Le GII exhorte le Ghana à contrôler le financement des campagnes des partis politiques

Maria

Ghana

M. Michael Boadi, responsable de la collecte de fonds, Ghana Integrity Initiative (GII), a souligné la nécessité de contrôler le financement des campagnes politiques pour aider à lutter contre la corruption.

« Nous devons trouver un moyen de réglementer le financement des campagnes politiques… Nous ne pouvons pas lutter avec succès contre la corruption si nous ne contrôlons pas le financement des partis politiques », a-t-il déclaré.

M. Boadi a déclaré que le financement des campagnes politiques avait été un contributeur majeur à la corruption, qui, lorsqu’elle n’est pas gérée, pourrait récolter les nombreuses ressources du pays.

Il l’a dit lors de la plateforme de dialogue de la salle de conférence de la Ghana News Agency du bureau régional de Tema, sur le thème : « La lutte contre la corruption dans la Quatrième République : un mirage ou une réalité ?

« Cela devient même plus dangereux. Les recherches du Centre pour le développement démocratique du Ghana indiquent qu’il en coûte environ 300 000,00 $ pour gagner un siège parlementaire, et cela augmente même.

« Si un siège parlementaire dans votre petite circonscription coûte 300 000,00 $, alors combien dépensent les candidats à la présidentielle et d’où obtiennent-ils ces énormes sommes d’argent? » Il a demandé.

M. Boadi a déclaré qu’il était temps que le financement des campagnes des partis politiques soit rendu transparent, ajoutant ; « Les citoyens doivent connaître la source de financement des partis politiques, leurs candidats à la présidentielle et aux législatives.

« Si nous ne parvenons pas à vérifier les sources de financement, très bientôt, nous pourrions voir des blanchisseurs d’argent, des trafiquants de drogue, des terroristes et d’autres criminels financer nos campagnes et prendre ensuite le contrôle du pays. »

La lutte contre la corruption serait à jamais un mirage si des mesures n’étaient pas prises pour relever certains de ces défis et stimuler les efforts visant à éliminer la corruption dans le pays, a-t-il noté.

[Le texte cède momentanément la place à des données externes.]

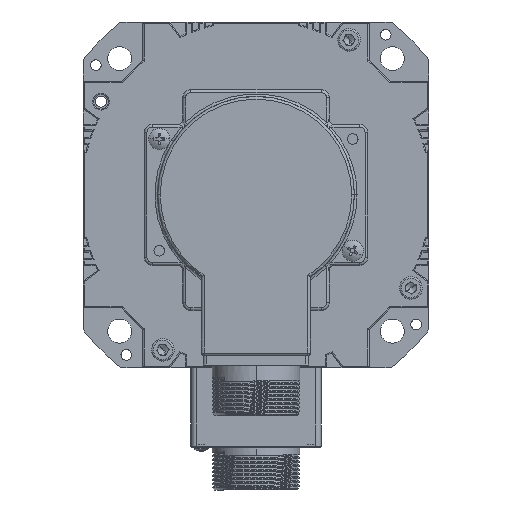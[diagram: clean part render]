
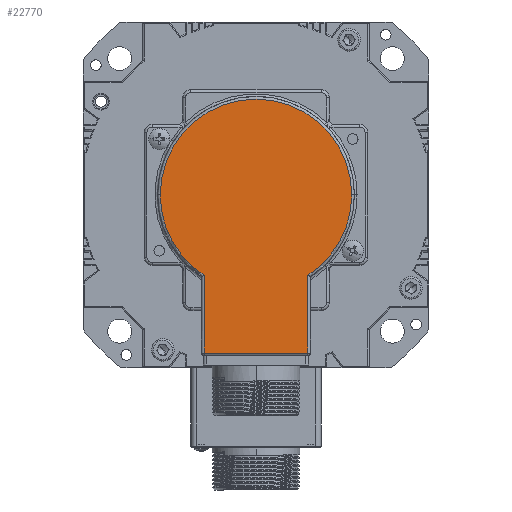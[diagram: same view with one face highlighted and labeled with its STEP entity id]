
A CAD part, front view. The second image highlights one B-rep face of the part: STEP entity #22770.
In plain terms, the highlighted planar face has unit normal (0, -1, 0) as drawn and (0, 0, -1) by its records, which use the part's own axes.
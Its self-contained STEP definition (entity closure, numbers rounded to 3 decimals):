
#838 = CIRCLE ( 'NONE', #70950, 36. ) ;
#966 = LINE ( 'NONE', #68155, #69603 ) ;
#2342 = CARTESIAN_POINT ( 'NONE',  ( 0., 0., -33. ) ) ;
#2620 = VERTEX_POINT ( 'NONE', #29495 ) ;
#3125 = AXIS2_PLACEMENT_3D ( 'NONE', #2342, #26650, #13771 ) ;
#4966 = CARTESIAN_POINT ( 'NONE',  ( -36., 0., -33. ) ) ;
#7019 = CARTESIAN_POINT ( 'NONE',  ( 0., 0., -33. ) ) ;
#8389 = ORIENTED_EDGE ( 'NONE', *, *, #47502, .T. ) ;
#10186 = EDGE_CURVE ( 'NONE', #35773, #32307, #838, .T. ) ;
#10469 = CARTESIAN_POINT ( 'NONE',  ( 36., 0., -33. ) ) ;
#10668 = VERTEX_POINT ( 'NONE', #10469 ) ;
#13771 = DIRECTION ( 'NONE',  ( -1., 0., 0. ) ) ;
#14227 = AXIS2_PLACEMENT_3D ( 'NONE', #34251, #70333, #69577 ) ;
#16459 = DIRECTION ( 'NONE',  ( 0., -1., 0. ) ) ;
#18451 = DIRECTION ( 'NONE',  ( 0., 1., 0. ) ) ;
#22732 = VECTOR ( 'NONE', #16459, 1000. ) ;
#22770 = ADVANCED_FACE ( 'NONE', ( #34003 ), #40478, .T. ) ;
#24896 = DIRECTION ( 'NONE',  ( -1., 0., 0. ) ) ;
#25863 = CARTESIAN_POINT ( 'NONE',  ( 0., 0., -33. ) ) ;
#26650 = DIRECTION ( 'NONE',  ( 0., 0., -1. ) ) ;
#29495 = CARTESIAN_POINT ( 'NONE',  ( -19.5, 59.5, -33. ) ) ;
#29980 = EDGE_CURVE ( 'NONE', #10668, #35773, #45947, .T. ) ;
#30667 = EDGE_CURVE ( 'NONE', #66276, #57850, #43145, .T. ) ;
#32307 = VERTEX_POINT ( 'NONE', #56233 ) ;
#32457 = AXIS2_PLACEMENT_3D ( 'NONE', #7019, #72867, #24896 ) ;
#34003 = FACE_OUTER_BOUND ( 'NONE', #58799, .T. ) ;
#34251 = CARTESIAN_POINT ( 'NONE',  ( 0., 0., -33. ) ) ;
#34965 = VECTOR ( 'NONE', #18451, 1000. ) ;
#35428 = CIRCLE ( 'NONE', #3125, 36. ) ;
#35773 = VERTEX_POINT ( 'NONE', #4966 ) ;
#40478 = PLANE ( 'NONE',  #14227 ) ;
#40564 = LINE ( 'NONE', #47247, #34965 ) ;
#42853 = ORIENTED_EDGE ( 'NONE', *, *, #52036, .T. ) ;
#43145 = LINE ( 'NONE', #74830, #22732 ) ;
#44418 = ORIENTED_EDGE ( 'NONE', *, *, #67768, .T. ) ;
#45947 = CIRCLE ( 'NONE', #32457, 36. ) ;
#47247 = CARTESIAN_POINT ( 'NONE',  ( -19.5, 60.5, -33. ) ) ;
#47502 = EDGE_CURVE ( 'NONE', #32307, #2620, #40564, .T. ) ;
#49287 = ORIENTED_EDGE ( 'NONE', *, *, #29980, .T. ) ;
#51164 = ORIENTED_EDGE ( 'NONE', *, *, #10186, .T. ) ;
#52036 = EDGE_CURVE ( 'NONE', #57850, #10668, #35428, .T. ) ;
#56233 = CARTESIAN_POINT ( 'NONE',  ( -19.5, 30.261, -33. ) ) ;
#57850 = VERTEX_POINT ( 'NONE', #72599 ) ;
#58799 = EDGE_LOOP ( 'NONE', ( #8389, #44418, #61371, #42853, #49287, #51164 ) ) ;
#61371 = ORIENTED_EDGE ( 'NONE', *, *, #30667, .T. ) ;
#66276 = VERTEX_POINT ( 'NONE', #69839 ) ;
#66857 = DIRECTION ( 'NONE',  ( 0., 0., -1. ) ) ;
#67768 = EDGE_CURVE ( 'NONE', #2620, #66276, #966, .T. ) ;
#68155 = CARTESIAN_POINT ( 'NONE',  ( 20.5, 59.5, -33. ) ) ;
#69178 = DIRECTION ( 'NONE',  ( 1., 0., 0. ) ) ;
#69577 = DIRECTION ( 'NONE',  ( -1., 0., 0. ) ) ;
#69603 = VECTOR ( 'NONE', #69178, 1000. ) ;
#69839 = CARTESIAN_POINT ( 'NONE',  ( 19.5, 59.5, -33. ) ) ;
#70333 = DIRECTION ( 'NONE',  ( 0., 0., -1. ) ) ;
#70950 = AXIS2_PLACEMENT_3D ( 'NONE', #25863, #66857, #72821 ) ;
#72599 = CARTESIAN_POINT ( 'NONE',  ( 19.5, 30.261, -33. ) ) ;
#72821 = DIRECTION ( 'NONE',  ( -1., 0., 0. ) ) ;
#72867 = DIRECTION ( 'NONE',  ( 0., 0., -1. ) ) ;
#74830 = CARTESIAN_POINT ( 'NONE',  ( 19.5, 30.802, -33. ) ) ;

M. Boadi a mis en garde contre la politisation des enquêtes sur la corruption, qui empêche les institutions d’exercer leurs mandats, les citoyens se désintéressant de la plupart des organes d’enquête.

Il a suggéré que les enquêtes soient rendues transparentes, sans ingérence, pour encourager les citoyens à se joindre à la lutte contre la corruption au Ghana.